Skala Eresou (), also transliterated as Skala Eressou, is a seaside village on the island of Lesbos in Greece, part of the community of Eresos. Since the 1980s it has become a popular destination for lesbian tourists.

Overview

"Skala Eresou" means "the skala of Eresos", where skala means "landing place for boats".

The village has two access roads, one from the north and one from the west. Both lead towards the central square, which is paved with flagstones, but due to the one-way system, vehicle access is restricted. On the outskirts of the village, there are several large car parks.

The volcanic character of the west side of Lesbos is shown in the dark grey color of the beach, which extends for almost three kilometers from a small harbour in the east to the headland in the west. In 2006, the beach of Skala Eresou was awarded the Blue Flag, for the cleanliness of its waters and its beach.

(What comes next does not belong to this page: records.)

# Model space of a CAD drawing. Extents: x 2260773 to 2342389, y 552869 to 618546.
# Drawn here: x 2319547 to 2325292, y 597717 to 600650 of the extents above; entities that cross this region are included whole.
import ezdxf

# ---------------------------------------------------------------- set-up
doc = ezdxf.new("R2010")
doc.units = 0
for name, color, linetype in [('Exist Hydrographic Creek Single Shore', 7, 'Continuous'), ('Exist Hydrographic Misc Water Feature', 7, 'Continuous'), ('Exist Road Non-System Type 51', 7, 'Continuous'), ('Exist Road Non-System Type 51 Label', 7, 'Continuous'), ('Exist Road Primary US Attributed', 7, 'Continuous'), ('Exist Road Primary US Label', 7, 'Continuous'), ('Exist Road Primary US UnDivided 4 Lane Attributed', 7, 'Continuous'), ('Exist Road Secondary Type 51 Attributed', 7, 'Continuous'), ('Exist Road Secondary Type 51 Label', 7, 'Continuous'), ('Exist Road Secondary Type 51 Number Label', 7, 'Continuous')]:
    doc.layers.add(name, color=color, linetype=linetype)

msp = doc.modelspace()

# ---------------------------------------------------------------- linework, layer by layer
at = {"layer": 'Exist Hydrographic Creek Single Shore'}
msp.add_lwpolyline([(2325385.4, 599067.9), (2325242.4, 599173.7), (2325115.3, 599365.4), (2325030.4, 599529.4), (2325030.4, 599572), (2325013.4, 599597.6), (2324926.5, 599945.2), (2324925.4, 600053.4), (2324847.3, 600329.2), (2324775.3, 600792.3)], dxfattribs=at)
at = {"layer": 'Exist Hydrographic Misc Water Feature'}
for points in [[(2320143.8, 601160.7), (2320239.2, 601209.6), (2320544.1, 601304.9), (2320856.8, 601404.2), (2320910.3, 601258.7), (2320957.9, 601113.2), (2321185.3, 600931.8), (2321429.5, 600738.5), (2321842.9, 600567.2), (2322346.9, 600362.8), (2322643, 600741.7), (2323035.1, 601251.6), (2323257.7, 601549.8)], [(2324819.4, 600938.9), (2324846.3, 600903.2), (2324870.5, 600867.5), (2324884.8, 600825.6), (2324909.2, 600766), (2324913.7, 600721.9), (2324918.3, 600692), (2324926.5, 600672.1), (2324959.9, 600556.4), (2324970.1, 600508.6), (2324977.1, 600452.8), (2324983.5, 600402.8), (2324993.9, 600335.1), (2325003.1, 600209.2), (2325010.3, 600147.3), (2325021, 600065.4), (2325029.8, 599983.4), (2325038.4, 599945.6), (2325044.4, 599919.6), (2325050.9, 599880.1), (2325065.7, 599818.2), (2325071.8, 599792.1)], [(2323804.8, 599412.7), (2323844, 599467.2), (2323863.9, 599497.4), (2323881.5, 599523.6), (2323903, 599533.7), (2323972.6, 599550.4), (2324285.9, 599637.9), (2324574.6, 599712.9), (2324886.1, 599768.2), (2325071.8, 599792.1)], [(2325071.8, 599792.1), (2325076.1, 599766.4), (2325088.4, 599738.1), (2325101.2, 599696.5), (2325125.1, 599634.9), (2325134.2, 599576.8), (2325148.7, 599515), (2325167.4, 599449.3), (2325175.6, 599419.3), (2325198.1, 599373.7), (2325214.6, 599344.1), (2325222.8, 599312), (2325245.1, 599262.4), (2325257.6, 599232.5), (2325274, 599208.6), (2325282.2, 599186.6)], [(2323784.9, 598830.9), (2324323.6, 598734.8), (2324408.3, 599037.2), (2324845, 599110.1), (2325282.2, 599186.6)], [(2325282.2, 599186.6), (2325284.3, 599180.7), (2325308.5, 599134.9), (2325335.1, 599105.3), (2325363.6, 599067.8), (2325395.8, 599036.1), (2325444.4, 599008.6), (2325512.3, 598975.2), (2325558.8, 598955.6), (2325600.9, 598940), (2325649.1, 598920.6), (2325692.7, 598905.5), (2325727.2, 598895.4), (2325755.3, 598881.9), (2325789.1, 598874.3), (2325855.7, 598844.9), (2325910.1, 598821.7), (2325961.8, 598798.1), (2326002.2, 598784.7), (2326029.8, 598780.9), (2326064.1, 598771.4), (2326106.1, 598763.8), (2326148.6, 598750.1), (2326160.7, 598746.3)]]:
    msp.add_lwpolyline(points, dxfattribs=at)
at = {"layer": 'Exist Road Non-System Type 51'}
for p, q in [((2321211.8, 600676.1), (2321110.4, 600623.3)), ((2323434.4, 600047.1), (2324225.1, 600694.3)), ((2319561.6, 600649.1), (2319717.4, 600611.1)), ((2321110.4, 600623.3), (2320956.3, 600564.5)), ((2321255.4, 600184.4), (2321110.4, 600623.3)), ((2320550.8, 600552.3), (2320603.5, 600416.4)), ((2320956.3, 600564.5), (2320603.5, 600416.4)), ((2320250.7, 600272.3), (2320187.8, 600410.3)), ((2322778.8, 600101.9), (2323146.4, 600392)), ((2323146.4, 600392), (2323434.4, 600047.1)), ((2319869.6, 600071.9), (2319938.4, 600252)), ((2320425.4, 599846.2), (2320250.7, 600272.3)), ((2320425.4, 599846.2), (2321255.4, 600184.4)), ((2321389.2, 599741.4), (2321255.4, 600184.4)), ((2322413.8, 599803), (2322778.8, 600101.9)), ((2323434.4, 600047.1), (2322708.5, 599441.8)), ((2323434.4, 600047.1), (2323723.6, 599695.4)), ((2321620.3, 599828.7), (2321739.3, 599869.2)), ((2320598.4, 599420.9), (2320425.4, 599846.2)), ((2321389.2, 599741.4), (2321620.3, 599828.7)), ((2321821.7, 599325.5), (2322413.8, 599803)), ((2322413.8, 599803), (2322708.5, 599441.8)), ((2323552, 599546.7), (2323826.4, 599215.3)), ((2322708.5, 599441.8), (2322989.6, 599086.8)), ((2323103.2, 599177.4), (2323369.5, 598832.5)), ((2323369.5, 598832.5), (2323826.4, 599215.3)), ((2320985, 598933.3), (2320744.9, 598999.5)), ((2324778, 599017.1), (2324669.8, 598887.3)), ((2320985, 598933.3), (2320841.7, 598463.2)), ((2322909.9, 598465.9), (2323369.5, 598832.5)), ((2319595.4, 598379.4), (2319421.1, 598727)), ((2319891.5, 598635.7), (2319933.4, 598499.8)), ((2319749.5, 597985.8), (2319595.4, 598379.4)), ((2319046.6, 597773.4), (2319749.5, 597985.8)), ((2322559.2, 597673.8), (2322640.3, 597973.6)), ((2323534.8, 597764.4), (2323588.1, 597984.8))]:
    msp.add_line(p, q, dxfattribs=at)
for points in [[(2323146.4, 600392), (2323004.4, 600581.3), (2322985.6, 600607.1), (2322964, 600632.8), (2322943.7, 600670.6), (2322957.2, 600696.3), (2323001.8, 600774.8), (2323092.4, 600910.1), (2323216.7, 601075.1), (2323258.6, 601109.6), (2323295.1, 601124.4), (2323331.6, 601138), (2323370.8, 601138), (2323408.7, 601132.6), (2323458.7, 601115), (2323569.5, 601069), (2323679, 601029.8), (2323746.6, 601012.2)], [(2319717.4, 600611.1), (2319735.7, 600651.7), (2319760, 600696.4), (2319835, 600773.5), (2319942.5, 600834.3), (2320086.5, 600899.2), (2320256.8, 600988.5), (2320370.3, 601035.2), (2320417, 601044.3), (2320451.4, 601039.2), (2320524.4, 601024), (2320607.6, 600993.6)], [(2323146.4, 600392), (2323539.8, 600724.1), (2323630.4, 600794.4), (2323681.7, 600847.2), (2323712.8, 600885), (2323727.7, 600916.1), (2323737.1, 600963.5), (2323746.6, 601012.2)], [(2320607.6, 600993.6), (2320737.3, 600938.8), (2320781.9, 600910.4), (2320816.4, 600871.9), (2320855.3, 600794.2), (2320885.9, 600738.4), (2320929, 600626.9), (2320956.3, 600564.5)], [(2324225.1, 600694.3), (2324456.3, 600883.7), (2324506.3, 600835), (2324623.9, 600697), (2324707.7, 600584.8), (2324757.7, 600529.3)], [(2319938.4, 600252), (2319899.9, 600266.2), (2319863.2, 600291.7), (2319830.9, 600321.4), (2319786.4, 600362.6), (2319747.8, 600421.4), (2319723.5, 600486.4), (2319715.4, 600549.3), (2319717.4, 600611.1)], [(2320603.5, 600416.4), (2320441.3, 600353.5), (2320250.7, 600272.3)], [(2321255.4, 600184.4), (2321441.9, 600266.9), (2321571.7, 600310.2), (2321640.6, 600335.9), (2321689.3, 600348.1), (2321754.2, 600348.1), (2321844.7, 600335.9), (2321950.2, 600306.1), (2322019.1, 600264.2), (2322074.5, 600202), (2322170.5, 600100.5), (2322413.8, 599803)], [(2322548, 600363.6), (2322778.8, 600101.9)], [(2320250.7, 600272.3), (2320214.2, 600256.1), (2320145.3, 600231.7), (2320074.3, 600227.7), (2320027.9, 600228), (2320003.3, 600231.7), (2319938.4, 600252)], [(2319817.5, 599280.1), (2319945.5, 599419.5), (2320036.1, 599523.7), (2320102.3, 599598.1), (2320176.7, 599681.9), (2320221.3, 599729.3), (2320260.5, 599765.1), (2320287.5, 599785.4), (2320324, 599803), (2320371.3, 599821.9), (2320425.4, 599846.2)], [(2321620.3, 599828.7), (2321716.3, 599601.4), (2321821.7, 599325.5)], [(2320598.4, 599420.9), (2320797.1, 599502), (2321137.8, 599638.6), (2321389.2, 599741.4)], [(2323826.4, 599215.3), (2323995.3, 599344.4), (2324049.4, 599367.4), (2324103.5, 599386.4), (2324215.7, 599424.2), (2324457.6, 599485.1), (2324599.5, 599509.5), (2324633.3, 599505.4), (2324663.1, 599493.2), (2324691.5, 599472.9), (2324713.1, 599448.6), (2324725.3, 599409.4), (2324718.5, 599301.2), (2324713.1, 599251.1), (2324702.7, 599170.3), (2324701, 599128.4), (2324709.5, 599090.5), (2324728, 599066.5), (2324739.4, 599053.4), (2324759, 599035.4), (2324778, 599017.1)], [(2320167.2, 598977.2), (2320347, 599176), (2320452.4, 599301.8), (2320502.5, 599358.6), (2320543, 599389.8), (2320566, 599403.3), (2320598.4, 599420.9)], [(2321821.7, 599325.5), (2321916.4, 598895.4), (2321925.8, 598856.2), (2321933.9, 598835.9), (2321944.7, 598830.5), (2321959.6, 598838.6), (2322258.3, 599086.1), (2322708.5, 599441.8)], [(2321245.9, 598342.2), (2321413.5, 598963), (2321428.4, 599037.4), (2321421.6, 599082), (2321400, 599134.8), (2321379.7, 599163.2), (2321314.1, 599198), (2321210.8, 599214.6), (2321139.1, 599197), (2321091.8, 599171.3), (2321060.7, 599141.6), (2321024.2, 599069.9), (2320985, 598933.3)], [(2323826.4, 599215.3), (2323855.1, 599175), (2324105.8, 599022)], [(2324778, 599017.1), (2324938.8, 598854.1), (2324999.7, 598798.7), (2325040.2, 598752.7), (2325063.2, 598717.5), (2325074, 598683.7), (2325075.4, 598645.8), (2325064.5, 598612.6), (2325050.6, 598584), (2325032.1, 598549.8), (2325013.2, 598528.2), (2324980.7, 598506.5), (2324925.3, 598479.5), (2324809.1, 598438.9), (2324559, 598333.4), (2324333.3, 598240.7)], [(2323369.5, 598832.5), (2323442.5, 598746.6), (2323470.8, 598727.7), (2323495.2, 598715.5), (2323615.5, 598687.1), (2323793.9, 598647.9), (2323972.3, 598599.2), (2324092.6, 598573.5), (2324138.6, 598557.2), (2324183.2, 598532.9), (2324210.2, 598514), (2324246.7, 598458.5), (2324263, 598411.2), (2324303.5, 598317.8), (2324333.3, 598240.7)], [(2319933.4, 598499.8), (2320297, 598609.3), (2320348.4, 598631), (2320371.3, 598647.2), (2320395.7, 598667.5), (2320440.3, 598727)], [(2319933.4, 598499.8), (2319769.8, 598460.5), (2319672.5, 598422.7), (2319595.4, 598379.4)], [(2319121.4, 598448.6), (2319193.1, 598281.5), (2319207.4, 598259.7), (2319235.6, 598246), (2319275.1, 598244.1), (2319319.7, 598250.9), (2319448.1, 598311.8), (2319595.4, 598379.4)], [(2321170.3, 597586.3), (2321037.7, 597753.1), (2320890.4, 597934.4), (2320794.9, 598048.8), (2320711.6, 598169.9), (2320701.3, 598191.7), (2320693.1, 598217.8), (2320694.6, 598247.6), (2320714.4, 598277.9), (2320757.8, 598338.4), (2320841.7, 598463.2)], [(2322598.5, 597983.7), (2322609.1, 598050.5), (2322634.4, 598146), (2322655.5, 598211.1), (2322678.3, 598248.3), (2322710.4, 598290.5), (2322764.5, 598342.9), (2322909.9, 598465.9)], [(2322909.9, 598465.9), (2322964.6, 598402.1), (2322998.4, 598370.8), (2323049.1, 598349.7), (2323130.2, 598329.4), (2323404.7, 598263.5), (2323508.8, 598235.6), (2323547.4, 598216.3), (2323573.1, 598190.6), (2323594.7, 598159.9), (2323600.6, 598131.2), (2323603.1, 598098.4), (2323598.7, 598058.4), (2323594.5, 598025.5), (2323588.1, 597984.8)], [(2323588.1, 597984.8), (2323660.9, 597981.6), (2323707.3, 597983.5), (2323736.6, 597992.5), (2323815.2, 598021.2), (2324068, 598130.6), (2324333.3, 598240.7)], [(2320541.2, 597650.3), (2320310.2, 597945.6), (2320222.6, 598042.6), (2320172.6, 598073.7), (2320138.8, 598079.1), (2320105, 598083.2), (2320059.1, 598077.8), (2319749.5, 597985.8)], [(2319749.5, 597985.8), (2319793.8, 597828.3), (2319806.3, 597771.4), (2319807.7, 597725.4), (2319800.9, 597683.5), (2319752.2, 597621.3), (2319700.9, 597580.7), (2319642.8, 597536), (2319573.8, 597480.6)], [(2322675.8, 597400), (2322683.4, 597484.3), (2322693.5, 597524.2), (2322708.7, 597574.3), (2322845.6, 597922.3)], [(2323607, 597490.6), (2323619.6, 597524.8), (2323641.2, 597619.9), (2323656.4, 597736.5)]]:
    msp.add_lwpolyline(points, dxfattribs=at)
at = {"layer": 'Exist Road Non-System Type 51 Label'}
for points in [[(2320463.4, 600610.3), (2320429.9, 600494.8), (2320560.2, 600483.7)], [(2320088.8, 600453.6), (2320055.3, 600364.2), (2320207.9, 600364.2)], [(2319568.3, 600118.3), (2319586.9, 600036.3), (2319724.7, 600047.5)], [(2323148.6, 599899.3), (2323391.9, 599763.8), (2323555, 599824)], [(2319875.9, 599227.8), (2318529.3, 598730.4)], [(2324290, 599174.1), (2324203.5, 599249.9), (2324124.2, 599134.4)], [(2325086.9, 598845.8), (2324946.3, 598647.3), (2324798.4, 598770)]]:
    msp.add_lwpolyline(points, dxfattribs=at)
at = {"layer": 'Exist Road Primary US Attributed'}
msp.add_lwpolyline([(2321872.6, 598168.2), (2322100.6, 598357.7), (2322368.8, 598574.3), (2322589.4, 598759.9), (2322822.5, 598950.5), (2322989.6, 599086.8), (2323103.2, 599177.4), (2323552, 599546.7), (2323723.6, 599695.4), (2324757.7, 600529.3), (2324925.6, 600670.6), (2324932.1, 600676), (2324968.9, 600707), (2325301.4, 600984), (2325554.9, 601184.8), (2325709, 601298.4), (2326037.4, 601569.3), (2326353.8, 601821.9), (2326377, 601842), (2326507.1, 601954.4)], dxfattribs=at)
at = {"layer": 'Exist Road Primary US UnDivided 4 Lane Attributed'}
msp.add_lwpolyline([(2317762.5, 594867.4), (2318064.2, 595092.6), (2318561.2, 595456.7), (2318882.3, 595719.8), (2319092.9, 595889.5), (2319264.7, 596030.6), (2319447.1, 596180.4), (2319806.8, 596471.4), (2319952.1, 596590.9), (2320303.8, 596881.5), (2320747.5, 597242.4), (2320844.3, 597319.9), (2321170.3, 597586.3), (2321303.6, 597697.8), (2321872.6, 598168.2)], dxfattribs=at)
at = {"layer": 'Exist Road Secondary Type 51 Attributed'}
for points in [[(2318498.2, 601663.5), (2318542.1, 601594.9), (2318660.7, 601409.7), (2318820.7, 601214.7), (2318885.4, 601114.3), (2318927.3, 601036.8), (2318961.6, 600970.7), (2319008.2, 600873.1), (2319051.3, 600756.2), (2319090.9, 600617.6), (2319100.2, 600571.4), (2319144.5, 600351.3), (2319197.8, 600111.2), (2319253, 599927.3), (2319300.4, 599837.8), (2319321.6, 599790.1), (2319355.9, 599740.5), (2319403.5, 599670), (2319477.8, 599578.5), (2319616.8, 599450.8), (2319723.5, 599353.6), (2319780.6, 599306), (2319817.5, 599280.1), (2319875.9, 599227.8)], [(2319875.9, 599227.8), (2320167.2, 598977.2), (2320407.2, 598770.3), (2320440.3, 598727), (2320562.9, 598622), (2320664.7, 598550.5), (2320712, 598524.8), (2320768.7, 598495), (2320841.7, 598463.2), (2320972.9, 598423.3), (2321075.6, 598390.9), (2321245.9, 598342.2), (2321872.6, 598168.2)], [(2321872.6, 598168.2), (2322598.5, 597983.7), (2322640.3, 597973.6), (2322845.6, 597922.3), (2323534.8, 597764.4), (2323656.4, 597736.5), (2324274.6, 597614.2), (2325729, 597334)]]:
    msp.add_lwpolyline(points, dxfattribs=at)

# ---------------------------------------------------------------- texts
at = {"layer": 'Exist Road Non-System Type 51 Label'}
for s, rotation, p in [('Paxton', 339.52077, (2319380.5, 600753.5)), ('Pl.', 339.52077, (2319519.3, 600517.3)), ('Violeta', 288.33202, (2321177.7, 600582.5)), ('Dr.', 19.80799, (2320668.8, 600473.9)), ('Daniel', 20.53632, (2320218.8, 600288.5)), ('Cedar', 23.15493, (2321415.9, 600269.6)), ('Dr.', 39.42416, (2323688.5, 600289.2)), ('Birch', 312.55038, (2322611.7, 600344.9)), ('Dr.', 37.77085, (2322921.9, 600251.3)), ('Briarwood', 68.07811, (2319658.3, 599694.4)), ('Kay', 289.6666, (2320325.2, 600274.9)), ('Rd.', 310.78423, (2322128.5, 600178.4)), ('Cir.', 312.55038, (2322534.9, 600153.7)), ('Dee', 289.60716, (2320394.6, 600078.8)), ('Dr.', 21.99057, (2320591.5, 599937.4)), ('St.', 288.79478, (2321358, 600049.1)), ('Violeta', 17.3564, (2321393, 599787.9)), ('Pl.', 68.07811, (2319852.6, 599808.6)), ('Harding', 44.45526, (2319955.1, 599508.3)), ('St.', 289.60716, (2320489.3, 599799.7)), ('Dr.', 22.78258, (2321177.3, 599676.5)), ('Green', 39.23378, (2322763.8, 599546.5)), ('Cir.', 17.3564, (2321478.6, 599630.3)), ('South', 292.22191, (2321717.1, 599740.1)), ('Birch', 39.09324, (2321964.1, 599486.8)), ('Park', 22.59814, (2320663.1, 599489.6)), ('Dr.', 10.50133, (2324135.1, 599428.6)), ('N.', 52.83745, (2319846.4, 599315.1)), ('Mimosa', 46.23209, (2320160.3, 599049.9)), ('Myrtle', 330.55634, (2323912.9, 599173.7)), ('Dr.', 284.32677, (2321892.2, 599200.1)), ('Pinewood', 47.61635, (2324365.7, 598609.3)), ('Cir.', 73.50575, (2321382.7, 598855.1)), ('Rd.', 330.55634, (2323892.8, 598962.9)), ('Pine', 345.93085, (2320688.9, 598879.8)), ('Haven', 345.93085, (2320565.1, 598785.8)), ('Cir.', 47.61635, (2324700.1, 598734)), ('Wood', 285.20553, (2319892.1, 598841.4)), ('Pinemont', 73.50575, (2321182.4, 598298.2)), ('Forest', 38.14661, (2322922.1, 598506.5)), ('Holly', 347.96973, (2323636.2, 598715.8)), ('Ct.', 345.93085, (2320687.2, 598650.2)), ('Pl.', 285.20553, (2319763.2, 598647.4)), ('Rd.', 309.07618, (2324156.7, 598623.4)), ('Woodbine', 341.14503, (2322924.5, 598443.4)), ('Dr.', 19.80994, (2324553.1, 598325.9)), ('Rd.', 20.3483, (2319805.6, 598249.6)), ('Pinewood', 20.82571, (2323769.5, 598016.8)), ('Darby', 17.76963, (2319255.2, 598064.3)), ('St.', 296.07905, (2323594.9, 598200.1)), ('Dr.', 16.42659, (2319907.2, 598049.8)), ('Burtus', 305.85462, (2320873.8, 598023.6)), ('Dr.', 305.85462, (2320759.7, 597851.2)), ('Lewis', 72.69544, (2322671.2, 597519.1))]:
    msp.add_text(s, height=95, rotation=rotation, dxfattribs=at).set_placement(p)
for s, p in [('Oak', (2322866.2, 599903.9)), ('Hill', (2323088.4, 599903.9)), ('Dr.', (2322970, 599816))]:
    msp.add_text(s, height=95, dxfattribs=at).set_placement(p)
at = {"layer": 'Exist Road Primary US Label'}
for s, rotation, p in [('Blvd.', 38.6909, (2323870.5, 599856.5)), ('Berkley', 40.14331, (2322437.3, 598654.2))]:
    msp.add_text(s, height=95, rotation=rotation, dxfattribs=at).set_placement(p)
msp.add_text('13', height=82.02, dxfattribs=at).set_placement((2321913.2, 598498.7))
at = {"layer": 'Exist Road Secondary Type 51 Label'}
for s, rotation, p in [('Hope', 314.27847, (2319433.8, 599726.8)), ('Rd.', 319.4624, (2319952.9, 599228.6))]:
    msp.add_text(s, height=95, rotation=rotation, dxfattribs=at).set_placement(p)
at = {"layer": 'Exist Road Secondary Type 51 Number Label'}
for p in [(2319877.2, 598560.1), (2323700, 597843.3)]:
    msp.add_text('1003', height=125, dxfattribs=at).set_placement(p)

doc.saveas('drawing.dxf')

There are many small family hotels and self-catering apartments for rent within the village or on the outskirts. There is also a dispensary, a pharmacy, a large number of restaurants and bars with several tourist offices. Every summer, Eresos has a large number of visitors, both Greeks and foreigners. Many lesbian women make the pilgrimage to Skala Eresou in order to visit the birthplace of Sappho.

The village hosts alternative events throughout the summer, including tai-chi lessons, reiki, shiatsu or ayurvedic massage. A "women festival" takes place in Skala Eresou every September, attracting women tourists.

Daily buses run in the summer and the village can be reached by taxis from the airport or the port of Mytilene for around 100 euro.

Famous people

The town is famed for being the birthplace of Sappho, the legendary lyric poet also called the "Tenth Muse." Skala Eresou was also the home for the ancient Greek philosopher Phanias, who was a pupil of Aristotle, and of Theophrastus, the father of classical botany. The ancient city walls are still visible from when it was an important trading centre.